One of these is that it is an enlightened person’s spiritual responsibility to teach others the path by showing them the way with their actions.
The Dalai Lama said, “We should not seek revenge on those who have committed crimes against us, or reply to their crimes with other crimes. We should reflect that by the laws of Karma, they are in danger of lowly and miserable lives to come, and that our duty to them, as to every being, is to help them rise toward Nirvana rather than sink to lower levels of rebirth.”
So I forgive them for their harms.
I move forward on my journey toward enlightenment, fortified by my good deeds.
I show them kindness.
In my kindness they can breathe for a moment.
In that breath they may find rest or peace.
In that moment of calm their chaotic mind may unfold.
In that clarity they may find the way forward.
I forgive because it is my duty to myself and to the world.
I forgive because it strengthens and soothes my soul in the way that vengeance and anger briefly satisfies some who may not feel connected to their spirit, or their consciousness, or whatever it is that they believe it was that created them.

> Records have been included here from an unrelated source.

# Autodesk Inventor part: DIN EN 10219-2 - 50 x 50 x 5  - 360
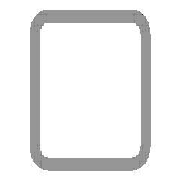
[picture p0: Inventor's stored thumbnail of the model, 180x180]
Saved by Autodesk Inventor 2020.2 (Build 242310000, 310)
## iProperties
Created: 2019-10
Part Number: DIN EN 10219-2 - 50 x 50 x 5  - 360
Material: Stahl, weich
Description: Kaltgeformte, geschweißte Baustahl-Hohlprofile aus unlegiertem Feinkorn-Baustahl
Document SubType Name: Modeling
Standard: DIN
Designer: lutzd
Standard Revision: 2006-07
Standards Organization: DIN
Language: de-DE
Size Designation: 50 x 50 x 5
Categories: <MemberInstance><Categories><Category DisplayName="Profile" InternalName="089c4875-fa83-4c05-b084-43b9cc11f5ed" Mnemonic="GRDR"><CategoryParameter DisplayName="
Stock Number: 50 x 50 x 5
Mass: 2358.74 g
Surface Area: 1220.7 cm^2
Volume: 300.476 cm^3
Density: 7.85 g/cm^3
Appearance: Semi-Polished(8)
IsCustomPart: 1
G_L: 360,000 mm
G_W: 50,000 mm
G_H: 50,000 mm
Mass: 2,359 kg
VLT_Material: Stahl, weich
DocNumber: ADSK-014378
Folder: .
+00266F1F-5B55-4877-92D0-0DD50DE4C5F7+SCHNITTDETAIL1: Schnittwinkel 90,00 grd
Dimensions: 50x50x360 mm
_CCFamilyMember: 16
_CCFamilyDisplayName: DIN EN 10219-2 (Quadratisches Hohlprofil - Kaltgeformt) - Kaltgeformte, geschweißte Baustahl-Hohlprofile aus unlegiertem Feinkorn-Baustahl
_FrameMemberDoc: Frame Member File
_Version: 15.0.0
_GetPNFromCC: 1
Title: Profil-Bauteil
Author: lutzd
Revision Number: -
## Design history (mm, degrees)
node "Startebene"
node "Endebene"
sketch "Skizze"
  geometry: L1 (-25, -15)-(-25, 15); L2 (-15, 25)-(15, 25); L3 (25, 15)-(25, -15); L4 (15, -25)-(-15, -25); L5 (-15, 20)-(15, 20); L6 (20, 15)-(20, -15); L7 (15, -20)-(-15, -20); L8 (-20, -15)-(-20, 15); L9 (0, 37.899)-(0, -37.899) reference; L10 (-37.899, 0)-(37.899, 0) reference; A1 r 10 centre (-15, -15) between (-25, -15) and (-15, -25); A2 r 10 centre (-15, 15) between (-15, 25) and (-25, 15); A3 r 10 centre (15, 15) between (25, 15) and (15, 25); A4 r 10 centre (15, -15) between (15, -25) and (25, -15); A5 r 5 centre (-15, 15) between (-15, 20) and (-20, 15); A6 r 5 centre (15, 15) between (20, 15) and (15, 20); A7 r 5 centre (15, -15) between (15, -20) and (20, -15); A8 r 5 centre (-15, -15) between (-20, -15) and (-15, -20)
  constraints: 16 end point, 16 point on circle, 8 centre point, 8 tangent, 4 parallel, 3 equal radius, 2 perpendicular, 7 other
  dimensions: "d7" = 10 radius of A1 (= G_IR); "d10" = 50 distance between parallel lines of L2 L4 (= G_H); "d11" = 50 distance between parallel lines of L1 L3 (= G_W); "d12" = 5 distance between parallel lines of L3 L6 (= G_T); "d15" = 25 distance between parallel lines of L2 L10 (= 0.5 x d10); "d16" = 25 distance between parallel lines of L9 L3 (= 0.5 x d11)
extrude "Körper" new body sketch "Skizze" stored distance "d3" = 360 (= G_L); taper "d4" = 0 deg
node "Driven Length"
  sketch "Sketch3"
    geometry: L1 (0, 0)-(10, 0) reference
    constraints: 2 end point, 1 horizontal
  workplane "Work Plane3"
  sketch "Sketch4"
    geometry: L1 (-2, 50)-(12, 50) reference; L2 (-2, 410)-(12, 410) reference
    dimensions: "d18" = 360 distance between parallel lines of L1 L2 (derived)
workplane "Arbeitsebene4"
feature "Trennen1"
sketch "Skizze5"
  geometry: L1 (-30, 360)-(0, 360) reference; L2 (-15, 360)-(-15, 31); 3 further points
  constraints: 2 end point, 1 coincident, 1 midpoint, 1 point on line, 1 vertical
  dimensions: "d19" = 254 distance of point (-15, 31) point (-15, 285); "d20" = 75 distance from line of point (-15, 285) L1
hole "Bohrung1" sketch "Skizze5" at (-15, 31), (-15, 285) diameter "d21" = 6.647; stored, may be unused: countersink angle "d25" = 90 deg, drill point angle "d27" = 118 deg; dims "d22" = 16, "d23" = 4, "d24" = 2, "d26" = 8
body "Solid1"
other parameters: "G_W" = 50 [user parameter; used in 1 equation term], "G_H" = 50 [user parameter; used in 1 equation term], "G_T" = 5 [user parameter; used in 1 equation term], "G_IR" = 10 [user parameter; used in 1 equation term], "G_L" = 360 (= d18) [user parameter; used in 1 equation term], "G_OFFSET_END" = 0 [user parameter; used in 1 equation term], "d17" = 90 deg

I forgive because forgiveness is helpful.
I forgive because forgiveness is good.
We are not test scores.
We are not criminal records.
We are not measured by how many blue thumbs up we accumulate at the bottom of a photo.
We are not a habit or a membership.
We are not a religion.
We are not a color.
We are not a size or numbers on a scale.
We are not the things we’ve done.
We are the things we do.
We are how we treat others.
We are the intentions behind our actions.
We are the effort we put into self improvement.
Blame throwing and name knowing mean nothing in the end.
No excuses or justifications for bad behavior.